If a company decides to pursue a loyalty share program for US shareholders, it should consider whether the loyalty share program constitutes a “sale” or an “offer to sell” a security that requires registration under the Securities Act of 1933, as amended (the “Securities Act”). Section 2(a)(3) of the Securities Act defines a “sale” as a “…disposition of a security or interest in a security, for value.” (emphasis added). As a result, a “typical” dividend does not require registration because it is not given “for value.” Additionally, in the context of a corporate “spin off” transaction, the SEC Staff has stated that a parent spinning off the shares of its subsidiary to its shareholders does not have to register those spun off subsidiary shares under the Securities Act as a sale as long as certain conditions are met, including the condition that the spin off must be pro rata to the parent’s shareholders (SEC Staff Legal Bulletin 4 (1997)). This condition is important because, as the SEC Staff stated, “[i]f a spin-off is not pro rata, the shareholders’ relative interests change and some shareholders give up value for the spun off shares.”
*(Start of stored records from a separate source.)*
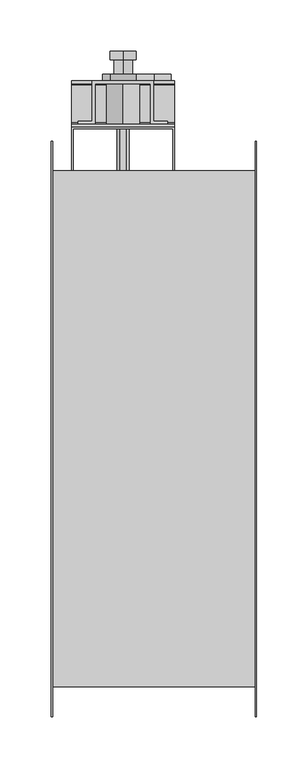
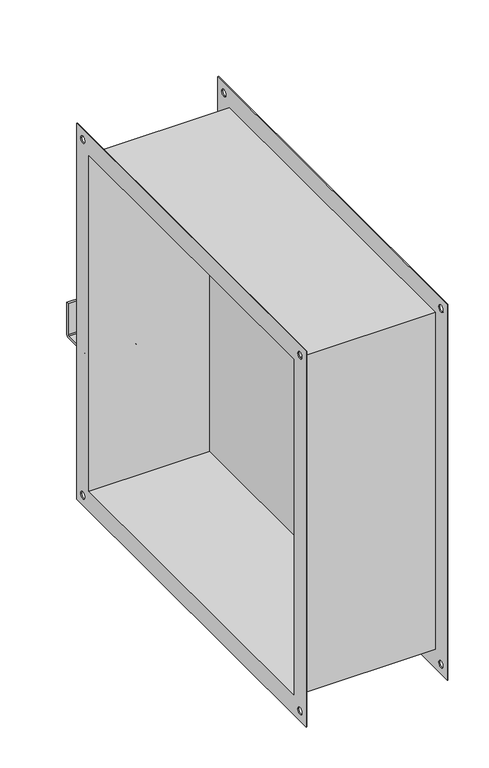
"""IFC4 building model written with IfcOpenShell, lengths in millimetres: damper geometry, СВ_КлапанПротивопожарный_КДМ-2М-3_НЗ_КанальныйПрямоугольный_СВОК : КДМ-3_Привод ЭМ."""

from ifc_helpers import new_model, si_unit, frame, origin, place, context, project, spatial, polyline, circle_curve, outline, extrude, source, transform, mapped, element, save
from ifc_brep_helpers import plane_surface, cylinder_surface, revolved_surface, advanced_brep


def damper_e07f9e79(model_context):
    return source(origin(), model_context, "Body", "SolidModel", [
        extrude(outline(polyline([(70.0, -250.0), (70.0, 250.0), (90.0, 250.0), (90.0, -250.0), (70.0, -250.0)])), frame((0.0, 0.0, -250.0), z_axis=(0.0, 0.0, 1.0), x_axis=(1.0, 0.0, 0.0)), (0.0, 0.0, 1.0), 500.0),
        extrude(outline(polyline([(-78.8298911, 251.2), (-80.0298911, 251.2), (-80.0298911, 293.2), (20.0, 293.2), (20.0, 251.2), (18.8, 251.2), (18.8, 292.0), (-78.8298911, 292.0), (-78.8298911, 251.2)])), frame((0.0, 0.0, -80.0), z_axis=(0.0, 0.0, 1.0), x_axis=(1.0, 0.0, 0.0)), (0.0, 0.0, 1.0), 162.5),
        advanced_brep(
        [(-30.0, 367.2, 65.8717586), (-30.0, 367.2, 53.0), (-30.0, 367.2, 40.1282414), (-30.0, 359.322975, 65.8717586), (-30.0, 359.322975, 40.1282414), (-30.0, 359.322975, 62.0972194), (-30.0, 359.322975, 43.9027806), (-30.0, 345.2, 62.0972194), (-30.0, 345.2, 43.9027806), (-30.0, 345.2, 53.0)],
        [
            (0, 1),
            (1, 2),
            (2, 0, circle_curve(frame((-30.0, 367.2, 53.0), z_axis=(0.0, 1.0, 0.0), x_axis=(0.0, 0.0, -1.0)), 12.8717586)),
            (0, 2, circle_curve(frame((-30.0, 367.2, 53.0), z_axis=(0.0, 1.0, 0.0), x_axis=(0.0, 0.0, -1.0)), 12.8717586)),
            (3, 0),
            (2, 4),
            (4, 3, circle_curve(frame((-30.0, 359.322975, 53.0), z_axis=(0.0, 1.0, 0.0), x_axis=(0.0, 0.0, -1.0)), 12.8717586)),
            (3, 4, circle_curve(frame((-30.0, 359.322975, 53.0), z_axis=(0.0, 1.0, 0.0), x_axis=(0.0, 0.0, -1.0)), 12.8717586)),
            (5, 3),
            (4, 6),
            (6, 5, circle_curve(frame((-30.0, 359.322975, 53.0), z_axis=(0.0, 1.0, 0.0), x_axis=(0.0, 0.0, -1.0)), 9.0972194)),
            (5, 6, circle_curve(frame((-30.0, 359.322975, 53.0), z_axis=(0.0, 1.0, 0.0), x_axis=(0.0, 0.0, -1.0)), 9.0972194)),
            (7, 5),
            (6, 8),
            (8, 7, circle_curve(frame((-30.0, 345.2, 53.0), z_axis=(0.0, 1.0, 0.0), x_axis=(0.0, 0.0, -1.0)), 9.0972194)),
            (7, 8, circle_curve(frame((-30.0, 345.2, 53.0), z_axis=(0.0, 1.0, 0.0), x_axis=(0.0, 0.0, -1.0)), 9.0972194)),
            (9, 7),
            (8, 9),
        ],
        [
            plane_surface(frame((-30.0, 367.2, 53.0), z_axis=(0.0, 1.0, 0.0), x_axis=(0.0, 0.0, -1.0))),
            cylinder_surface(frame((-30.0, 345.2, 53.0), z_axis=(0.0, -1.0, 0.0), x_axis=(0.0, 0.0, -1.0)), 12.8717586),
            plane_surface(frame((-30.0, 359.322975, 53.0), z_axis=(0.0, -1.0, 0.0), x_axis=(0.0, 0.0, -1.0))),
            cylinder_surface(frame((-30.0, 345.2, 53.0), z_axis=(0.0, -1.0, 0.0), x_axis=(0.0, 0.0, -1.0)), 9.0972194),
            plane_surface(frame((-30.0, 345.2, 53.0), z_axis=(0.0, -1.0, 0.0), x_axis=(0.0, 0.0, -1.0))),
        ],
        [
            (0, [[1, 2, 3]]),
            (0, [[-2, -1, 4]]),
            (1, [[5, -3, 6, 7]]),
            (1, [[-6, -4, -5, 8]]),
            (2, [[9, -7, 10, 11]]),
            (2, [[-10, -8, -9, 12]]),
            (3, [[13, -11, 14, 15]]),
            (3, [[-14, -12, -13, 16]]),
            (4, [[17, -15, 18]]),
            (4, [[-18, -16, -17]]),
        ],
    ),
        advanced_brep(
        [(-60.37371, 338.6632523, 70.900028), (-60.37371, 299.2, 70.900028), (-73.9362537, 299.2, 70.900028), (-73.9362537, 296.2, 70.900028), (-57.37371, 296.2, 70.900028), (-57.37371, 335.6632523, 70.900028), (-30.37371, 335.6632523, 70.900028), (-3.37371, 335.6632523, 70.900028), (-3.37371, 296.2, 70.900028), (13.1888336, 296.2, 70.900028), (13.1888336, 299.2, 70.900028), (-0.37371, 299.2, 70.900028), (-0.37371, 338.6632523, 70.900028), (-60.37371, 338.6632523, 35.2906263), (-42.4468236, 338.6632523, 35.2906263), (-30.37371, 338.6632523, 35.2906263), (-17.5531764, 338.6632523, 35.2906263), (-0.37371, 338.6632523, 35.2906263), (-0.37371, 299.2, 35.2906263), (13.1888336, 299.2, 35.2906263), (13.1888336, 296.2, 35.2906263), (-3.37371, 296.2, 35.2906263), (-3.37371, 335.6632523, 35.2906263), (-30.37371, 335.6632523, 35.2906263), (-57.37371, 335.6632523, 35.2906263), (-57.37371, 296.2, 35.2906263), (-73.9362537, 296.2, 35.2906263), (-73.9362537, 299.2, 35.2906263), (-60.37371, 299.2, 35.2906263), (-30.37371, 335.6632523, 68.9846504), (-30.0, 335.6632523, 68.9890183), (-30.0, 335.6632523, 37.0109817), (-30.37371, 335.6632523, 37.0153496), (-42.4468236, 345.2, 53.0), (-17.5531764, 345.2, 53.0), (-17.5531764, 345.2, 3.0), (-22.3466574, 345.2, 3.0), (-22.3466574, 345.2, -19.7841255), (0.2857987, 345.2, -42.6282215), (16.7904973, 345.2, -42.6282215), (16.7904973, 345.2, -50.5836838), (-21.6781206, 345.2, -68.1864324), (-42.4468236, 345.2, -34.345078), (-38.4852814, 345.2, -50.0), (-35.9954463, 345.2, -52.4898351), (-35.9954463, 345.2, -55.9954463), (-32.4898351, 345.2, -55.9954463), (-30.0, 345.2, -58.4852814), (-27.5101649, 345.2, -55.9954463), (-24.0045537, 345.2, -55.9954463), (-24.0045537, 345.2, -52.4898351), (-21.5147186, 345.2, -50.0), (-24.0045537, 345.2, -47.5101649), (-24.0045537, 345.2, -44.0045537), (-27.5101649, 345.2, -44.0045537), (-30.0, 345.2, -41.5147186), (-32.4898351, 345.2, -44.0045537), (-35.9954463, 345.2, -44.0045537), (-35.9954463, 345.2, -47.5101649), (-17.5531764, 338.6632523, 3.0), (-42.4468236, 338.6632523, -29.3568384), (-6.6455014, 338.6632523, -29.3568384), (-22.3466574, 338.6632523, -19.7841255), (-22.3466574, 338.6632523, 3.0), (-42.4468236, 338.6632523, 53.0), (-17.5531764, 338.6632523, 53.0), (-21.6781206, 338.6632523, -68.1864324), (-42.4468236, 338.6632523, -34.345078), (16.7904973, 338.6632523, -42.6282215), (16.7904973, 338.6632523, -50.5836838), (0.2857987, 338.6632523, -42.6282215), (-30.0, 335.6632523, -65.9890183), (-30.0, 335.6632523, -34.0109817), (-30.0, 296.2, -34.0109817), (-30.0, 296.2, -65.9890183), (-30.0, 296.2, 37.0109817), (-30.0, 296.2, 68.9890183), (20.0, 293.2, -75.5), (20.0, 297.7, -80.0), (20.0, 334.1337407, -80.0), (20.0, 338.6632523, -75.4704884), (20.0, 338.6632523, -29.3568384), (20.0, 335.6632523, -29.3568384), (20.0, 335.6632523, -75.4704884), (20.0, 334.1337407, -77.0), (20.0, 297.7, -77.0), (20.0, 296.2, -75.5), (20.0, 296.2, 82.5), (20.0, 293.2, 82.5), (-80.0, 293.2, -75.5), (-80.0, 293.2, 82.5), (-80.0, 296.2, 82.5), (-80.0, 296.2, -75.5), (-80.0, 297.7, -77.0), (-80.0, 334.1337407, -77.0), (-80.0, 335.6632523, -75.4704884), (-80.0, 335.6632523, -29.3568384), (-80.0, 338.6632523, -29.3568384), (-80.0, 338.6632523, -75.4704884), (-80.0, 334.1337407, -80.0), (-80.0, 297.7, -80.0), (-35.9954463, 293.2, -47.5101649), (-35.9954463, 293.2, -44.0045537), (-32.4898351, 293.2, -44.0045537), (-30.0, 293.2, -41.5147186), (-27.5101649, 293.2, -44.0045537), (-24.0045537, 293.2, -44.0045537), (-24.0045537, 293.2, -47.5101649), (-21.5147186, 293.2, -50.0), (-24.0045537, 293.2, -52.4898351), (-24.0045537, 293.2, -55.9954463), (-27.5101649, 293.2, -55.9954463), (-30.0, 293.2, -58.4852814), (-32.4898351, 293.2, -55.9954463), (-35.9954463, 293.2, -55.9954463), (-35.9954463, 293.2, -52.4898351), (-38.4852814, 293.2, -50.0)],
        [
            (0, 1),
            (1, 2),
            (2, 3),
            (3, 4),
            (4, 5),
            (5, 6),
            (6, 7),
            (7, 8),
            (8, 9),
            (9, 10),
            (10, 11),
            (11, 12),
            (12, 0),
            (13, 14),
            (14, 15),
            (15, 16),
            (16, 17),
            (17, 18),
            (18, 19),
            (19, 20),
            (20, 21),
            (21, 22),
            (22, 23),
            (23, 24),
            (24, 25),
            (25, 26),
            (26, 27),
            (27, 28),
            (28, 13),
            (11, 18),
            (17, 12),
            (10, 19),
            (9, 20),
            (7, 22),
            (21, 8),
            (6, 29),
            (29, 30, circle_curve(frame((-30.0, 335.6632523, 53.0), z_axis=(0.0, 1.0, 0.0), x_axis=(0.0, 0.0, 1.0)), 15.9890183)),
            (30, 31, circle_curve(frame((-30.0, 335.6632523, 53.0), z_axis=(0.0, 1.0, 0.0), x_axis=(0.0, 0.0, 1.0)), 15.9890183)),
            (31, 32, circle_curve(frame((-30.0, 335.6632523, 53.0), z_axis=(0.0, 1.0, 0.0), x_axis=(0.0, 0.0, 1.0)), 15.9890183)),
            (32, 23),
            (5, 24),
            (32, 29, circle_curve(frame((-30.0, 335.6632523, 53.0), z_axis=(0.0, 1.0, 0.0), x_axis=(0.0, 0.0, 1.0)), 15.9890183)),
            (4, 25),
            (2, 27),
            (26, 3),
            (1, 28),
            (0, 13),
            (33, 34, circle_curve(frame((-30.0, 345.2, 53.0), z_axis=(0.0, 1.0, 0.0), x_axis=(0.0, 0.0, 1.0)), 12.4468236)),
            (34, 35),
            (35, 36),
            (36, 37),
            (37, 38, circle_curve(frame((-30.0, 345.2, -50.0), z_axis=(0.0, 1.0, 0.0), x_axis=(0.0, 0.0, 1.0)), 31.1700613)),
            (38, 39),
            (39, 40),
            (40, 41),
            (41, 42, circle_curve(frame((-30.0, 345.2, -50.0), z_axis=(0.0, 1.0, 0.0), x_axis=(0.0, 0.0, 1.0)), 20.0)),
            (42, 33),
            (43, 44),
            (44, 45),
            (45, 46),
            (46, 47),
            (47, 48),
            (48, 49),
            (49, 50),
            (50, 51),
            (51, 52),
            (52, 53),
            (53, 54),
            (54, 55),
            (55, 56),
            (56, 57),
            (57, 58),
            (58, 43),
            (59, 16),
            (14, 60),
            (60, 61),
            (61, 62, circle_curve(frame((-30.0, 338.6632523, -50.0), z_axis=(0.0, -1.0, 0.0), x_axis=(0.0, 0.0, 1.0)), 31.1700613)),
            (62, 63),
            (63, 59),
            (33, 64),
            (64, 65, circle_curve(frame((-30.0, 338.6632523, 53.0), z_axis=(0.0, 1.0, 0.0), x_axis=(0.0, 0.0, 1.0)), 12.4468236)),
            (65, 34),
            (41, 66),
            (66, 67, circle_curve(frame((-30.0, 338.6632523, -50.0), z_axis=(0.0, 1.0, 0.0), x_axis=(0.0, 0.0, 1.0)), 20.0)),
            (67, 42),
            (67, 60),
            (14, 64),
            (39, 68),
            (68, 69),
            (69, 40),
            (38, 70),
            (70, 68),
            (37, 62),
            (61, 70, circle_curve(frame((-30.0, 338.6632523, -50.0), z_axis=(0.0, 1.0, 0.0), x_axis=(0.0, 0.0, 1.0)), 31.1700613)),
            (36, 63),
            (35, 59),
            (65, 16),
            (71, 72, circle_curve(frame((-30.0, 335.6632523, -50.0), z_axis=(0.0, -1.0, 0.0), x_axis=(0.0, 0.0, 1.0)), 15.9890183)),
            (72, 73),
            (73, 74, circle_curve(frame((-30.0, 296.2, -50.0), z_axis=(0.0, 1.0, 0.0), x_axis=(0.0, 0.0, 1.0)), 15.9890183)),
            (74, 71),
            (74, 73, circle_curve(frame((-30.0, 296.2, -50.0), z_axis=(0.0, 1.0, 0.0), x_axis=(0.0, 0.0, 1.0)), 15.9890183)),
            (72, 71, circle_curve(frame((-30.0, 335.6632523, -50.0), z_axis=(0.0, -1.0, 0.0), x_axis=(0.0, 0.0, 1.0)), 15.9890183)),
            (75, 31),
            (30, 76),
            (76, 75, circle_curve(frame((-30.0, 296.2, 53.0), z_axis=(0.0, 1.0, 0.0), x_axis=(0.0, 0.0, 1.0)), 15.9890183)),
            (75, 76, circle_curve(frame((-30.0, 296.2, 53.0), z_axis=(0.0, 1.0, 0.0), x_axis=(0.0, 0.0, 1.0)), 15.9890183)),
            (77, 78, circle_curve(frame((20.0, 297.7, -75.5), z_axis=(1.0, 0.0, 0.0), x_axis=(0.0, 0.0, 1.0)), 4.5)),
            (78, 79),
            (79, 80, circle_curve(frame((20.0, 334.1337407, -75.4704884), z_axis=(1.0, 0.0, 0.0), x_axis=(0.0, 0.0, 1.0)), 4.5295116)),
            (80, 81),
            (81, 82),
            (82, 83),
            (83, 84, circle_curve(frame((20.0, 334.1337407, -75.4704884), z_axis=(-1.0, 0.0, 0.0), x_axis=(0.0, 0.0, 1.0)), 1.5295116)),
            (84, 85),
            (85, 86, circle_curve(frame((20.0, 297.7, -75.5), z_axis=(-1.0, 0.0, 0.0), x_axis=(0.0, 0.0, 1.0)), 1.5)),
            (86, 87),
            (87, 88),
            (88, 77),
            (89, 90),
            (90, 91),
            (91, 92),
            (92, 93, circle_curve(frame((-80.0, 297.7, -75.5), z_axis=(1.0, 0.0, 0.0), x_axis=(0.0, 0.0, 1.0)), 1.5)),
            (93, 94),
            (94, 95, circle_curve(frame((-80.0, 334.1337407, -75.4704884), z_axis=(1.0, 0.0, 0.0), x_axis=(0.0, 0.0, 1.0)), 1.5295116)),
            (95, 96),
            (96, 97),
            (97, 98),
            (98, 99, circle_curve(frame((-80.0, 334.1337407, -75.4704884), z_axis=(-1.0, 0.0, 0.0), x_axis=(0.0, 0.0, 1.0)), 4.5295116)),
            (99, 100),
            (100, 89, circle_curve(frame((-80.0, 297.7, -75.5), z_axis=(-1.0, 0.0, 0.0), x_axis=(0.0, 0.0, 1.0)), 4.5)),
            (88, 90),
            (89, 77),
            (101, 102),
            (102, 103),
            (103, 104),
            (104, 105),
            (105, 106),
            (106, 107),
            (107, 108),
            (108, 109),
            (109, 110),
            (110, 111),
            (111, 112),
            (112, 113),
            (113, 114),
            (114, 115),
            (115, 116),
            (116, 101),
            (87, 91),
            (86, 92),
            (85, 93),
            (84, 94),
            (83, 95),
            (82, 96),
            (81, 61),
            (60, 97),
            (80, 98),
            (66, 69),
            (79, 99),
            (78, 100),
            (116, 43),
            (58, 101),
            (115, 44),
            (114, 45),
            (113, 46),
            (112, 47),
            (111, 48),
            (110, 49),
            (109, 50),
            (108, 51),
            (107, 52),
            (106, 53),
            (105, 54),
            (104, 55),
            (103, 56),
            (102, 57),
        ],
        [
            plane_surface(frame((-60.37371, 338.6632523, 70.900028), z_axis=(0.0, 0.0, 1.0), x_axis=(1.0, 0.0, 0.0))),
            plane_surface(frame((-60.37371, 338.6632523, 35.2906263), z_axis=(0.0, 0.0, -1.0), x_axis=(-1.0, 0.0, 0.0))),
            plane_surface(frame((-0.37371, 338.6632523, 70.900028), z_axis=(1.0, 0.0, 0.0), x_axis=(0.0, 0.0, -1.0))),
            plane_surface(frame((-0.37371, 299.2, 70.900028), z_axis=(0.0, 1.0, 0.0), x_axis=(0.0, 0.0, -1.0))),
            plane_surface(frame((13.1888336, 299.2, 70.900028), z_axis=(1.0, 0.0, 0.0), x_axis=(0.0, 0.0, -1.0))),
            plane_surface(frame((-3.37371, 296.2, 70.900028), z_axis=(-1.0, 0.0, 0.0), x_axis=(0.0, 0.0, -1.0))),
            plane_surface(frame((-3.37371, 335.6632523, 70.900028), z_axis=(0.0, -1.0, 0.0), x_axis=(0.0, 0.0, -1.0))),
            plane_surface(frame((-30.37371, 335.6632523, 70.900028), z_axis=(0.0, -1.0, 0.0), x_axis=(0.0, 0.0, -1.0))),
            plane_surface(frame((-57.37371, 335.6632523, 70.900028), z_axis=(1.0, 0.0, 0.0), x_axis=(0.0, 0.0, -1.0))),
            plane_surface(frame((-73.9362537, 296.2, 70.900028), z_axis=(-1.0, 0.0, 0.0), x_axis=(0.0, 0.0, -1.0))),
            plane_surface(frame((-73.9362537, 299.2, 70.900028), z_axis=(0.0, 1.0, 0.0), x_axis=(0.0, 0.0, -1.0))),
            plane_surface(frame((-60.37371, 299.2, 70.900028), z_axis=(-1.0, 0.0, 0.0), x_axis=(0.0, 0.0, -1.0))),
            plane_surface(frame((-42.4468236, 345.2, 53.0), z_axis=(0.0, 1.0, 0.0), x_axis=(0.0, 0.0, -1.0))),
            plane_surface(frame((-42.4468236, 338.6632523, 53.0), z_axis=(0.0, -1.0, 0.0), x_axis=(0.0, 0.0, 1.0))),
            cylinder_surface(frame((-30.0, 338.6632523, 53.0), z_axis=(0.0, 1.0, 0.0), x_axis=(0.0, 0.0, 1.0)), 12.4468236),
            cylinder_surface(frame((-30.0, 338.6632523, -50.0), z_axis=(0.0, 1.0, 0.0), x_axis=(0.0, 0.0, 1.0)), 20.0),
            plane_surface(frame((-42.4468236, 345.2, 53.0), z_axis=(-1.0, 0.0, 0.0), x_axis=(0.0, -1.0, 0.0))),
            plane_surface(frame((16.7904973, 345.2, -50.5836838), z_axis=(1.0, 0.0, 0.0), x_axis=(0.0, -1.0, 0.0))),
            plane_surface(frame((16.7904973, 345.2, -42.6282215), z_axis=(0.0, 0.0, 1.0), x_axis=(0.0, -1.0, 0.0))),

Depending on the relevant facts and circumstances, the distribution of loyalty shares might therefore be characterized as a “sale” of securities that requires registration. The SEC might view a loyalty share as being more similar to a “right” issued in a rights offering, in that the holder can elect to exercise that right by foregoing the legal right to transfer its underlying shares, thereby accepting investment risk in exchange for receiving the loyalty share. Even though there is no exercise price for a loyalty share (as you would see in a typical rights offering or with a warrant), there could be “value” flowing back to the company in the form of loyalty, lack of volatility and other indirect benefits that long-term shareholders provide to the company. The SEC might also take a “remedy-based” approach, by stating that the holder who chose to “register” his “intent” to be loyal is really making an investment decision, and, if he is damaged for holding the underlying shares (i.e., the share price drops while he is trying to make it to the loyalty date), he should be entitled to receive, as damages, the “consideration” he “paid” for registering into the loyalty share program.

Given the novel and unique structure of loyalty share programs in the United States and the lack of precedent or specific support for loyalty shares without registration, companies would be prudent to either register such shares or, at a minimum, seek no-action relief from the SEC.


When approving a loyalty share program, directors of a company should be careful to ensure that they comply with their fiduciary duties to the company and its shareholders. Directors of Delaware corporations are generally protected by the business judgement rule and the presumption that the board acted in the best interest of the corporation; however, one of the situations in which this presumption may be rebutted, thereby shifting the burden to the directors to show the entire fairness of the transaction, is when self-dealing is present. A classic example of self-dealing is non pro-rata distributions, where a majority shareholder receives a dividend that is not paid to minority shareholders. Depending on the structure of the loyalty share program and the ownership of the corporation, issuing loyalty shares or additional votes to shareholders who have held their shares for a longer period of time (which in many cases may be majority shareholders) could subject directors to breach of fiduciary duty claims.


The article highlights only a few of the issues that a company should consider before implementing a loyalty share program for US shareholders. Because of the lack of regulatory guidance in the United States (unlike in Europe), companies should tread carefully if they decide to proceed with such a program in the United States.